I thought you might have a Fast CGI timeout issue but you're not even passing PHP. Your configuration is stock so I'm guessing the problem is peripheral to Nginx, but I'm not qualified to provide a diagnosis. Hopefully some of the network gurus will chime in.


----------



## Jeckt (Jan 16, 2014)

This may be an issue depending on how the "Host" sent by the browser. Try removing the server_name directive, or setting it to the IP address and accessing it that way. Also see if the default_server option on the listen port helps catch the request.


----------



## junovitch@ (Jan 17, 2014)

Jeckt said:
			
		

> This may be an issue depending on how the "Host" sent by the browser. Try removing the server_name directive, or setting it to the IP address and accessing it that way. Also see if the default_server option on the listen port helps catch the request.



In this case, it will use the first server block anyways.  Since there is one, this won't make a difference.
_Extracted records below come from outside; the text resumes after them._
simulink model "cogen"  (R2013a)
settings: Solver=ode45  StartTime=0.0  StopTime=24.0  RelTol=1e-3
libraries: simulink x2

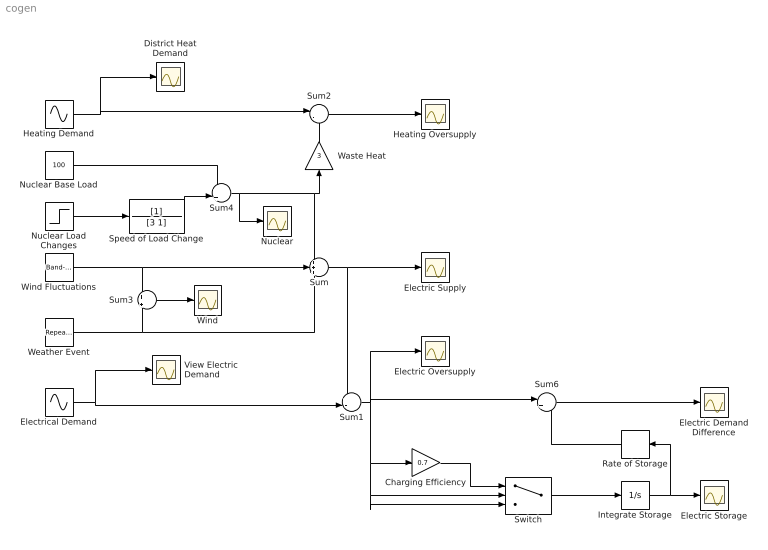
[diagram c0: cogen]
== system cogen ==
  Charging Efficiency : Gain  Gain=0.7
  District Heat Demand : Scope
  Electric Demand Difference : Scope
  Electric Oversupply : Scope
  Electric Storage : Scope
  Electric Supply : Scope
  Electrical Demand : Sin  Amplitude=30  Bias=80  Frequency=2*pi/24  Phase=1.3*pi  SampleTime=0
  Heating Demand : Sin  Amplitude=30  Bias=250  Frequency=2*pi/24  Phase=pi/2  SampleTime=0
  Heating Oversupply : Scope
  Integrate Storage : Integrator  LimitOutput=on  UpperSaturationLimit=200  LowerSaturationLimit=0
  Nuclear : Scope
  Nuclear Base Load : Constant  Value=100
  Nuclear Load Changes : Step  Time=1.0  After=-20  SampleTime=0
  Rate of Storage : Derivative
  Speed of Load Change : TransferFcn  Denominator=[3 1]
  Sum : Sum  Inputs=+++
  Sum1 : Sum  Inputs=+-|
  Sum2 : Sum  Inputs=|-+
  Sum3 : Sum  Inputs=+|+
  Sum4 : Sum  Inputs=+|+
  Sum6 : Sum  Inputs=|+-
  Switch : Switch
  View Electric Demand : Scope
  Waste Heat : Gain  Gain=3
  Weather Event : simulink/Sources/Repeating Sequence Stair  OutValues=[-1 -1 20 17 10 5 -1 -1].'  tsamp=1.5  OutMin=[]  OutMax=[]  OutDataTypeStr=double  OutputDataTypeScalingMode=double  OutDataType=fixdt(0,8)  ConRadixGroup=Best Precision: Vector-wise  OutScaling=2^-12
  Wind : Scope
  Wind Fluctuations : simulink/Sources/Band-Limited White Noise  Cov=[5]  Ts=0.5  seed=[23341]
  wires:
  Wind Fluctuations/1 -> Sum3/1, Sum/2
  Weather Event/1 -> Sum3/2, Sum/3
  Sum/1 -> Sum1/1, Electric Supply/1
  Sum1/1 -> Switch/3, Switch/2, Charging Efficiency/1, Sum6/1, Electric Oversupply/1
  Electrical Demand/1 -> View Electric Demand/1, Sum1/2
  Heating Demand/1 -> District Heat Demand/1, Sum2/1
  Sum2/1 -> Heating Oversupply/1
  Waste Heat/1 -> Sum2/2
  Nuclear Load Changes/1 -> Speed of Load Change/1
  Sum3/1 -> Wind/1
  Speed of Load Change/1 -> Sum4/2
  Nuclear Base Load/1 -> Sum4/1
  Sum4/1 -> Nuclear/1, Sum/1, Waste Heat/1
  Integrate Storage/1 -> Rate of Storage/1, Electric Storage/1
  Switch/1 -> Integrate Storage/1
  Rate of Storage/1 -> Sum6/2
  Sum6/1 -> Electric Demand Difference/1
  Charging Efficiency/1 -> Switch/1

What does `ls -l /data/www/index.html` return?  Is this readable by the www user?  The other messages in your error log are for favicon.ico are just the browser getting the little favorite's icon to use in a bookmark or your history.  It doesn't mean much.


----------



## SirDice (Jan 17, 2014)

I may be going blind of old age but I don't see any 504 errors in the logs. Are you sure you're looking for the right thing?


----------



## nesstyy (Jan 19, 2014)

Do you have favicon.ico on nginx ?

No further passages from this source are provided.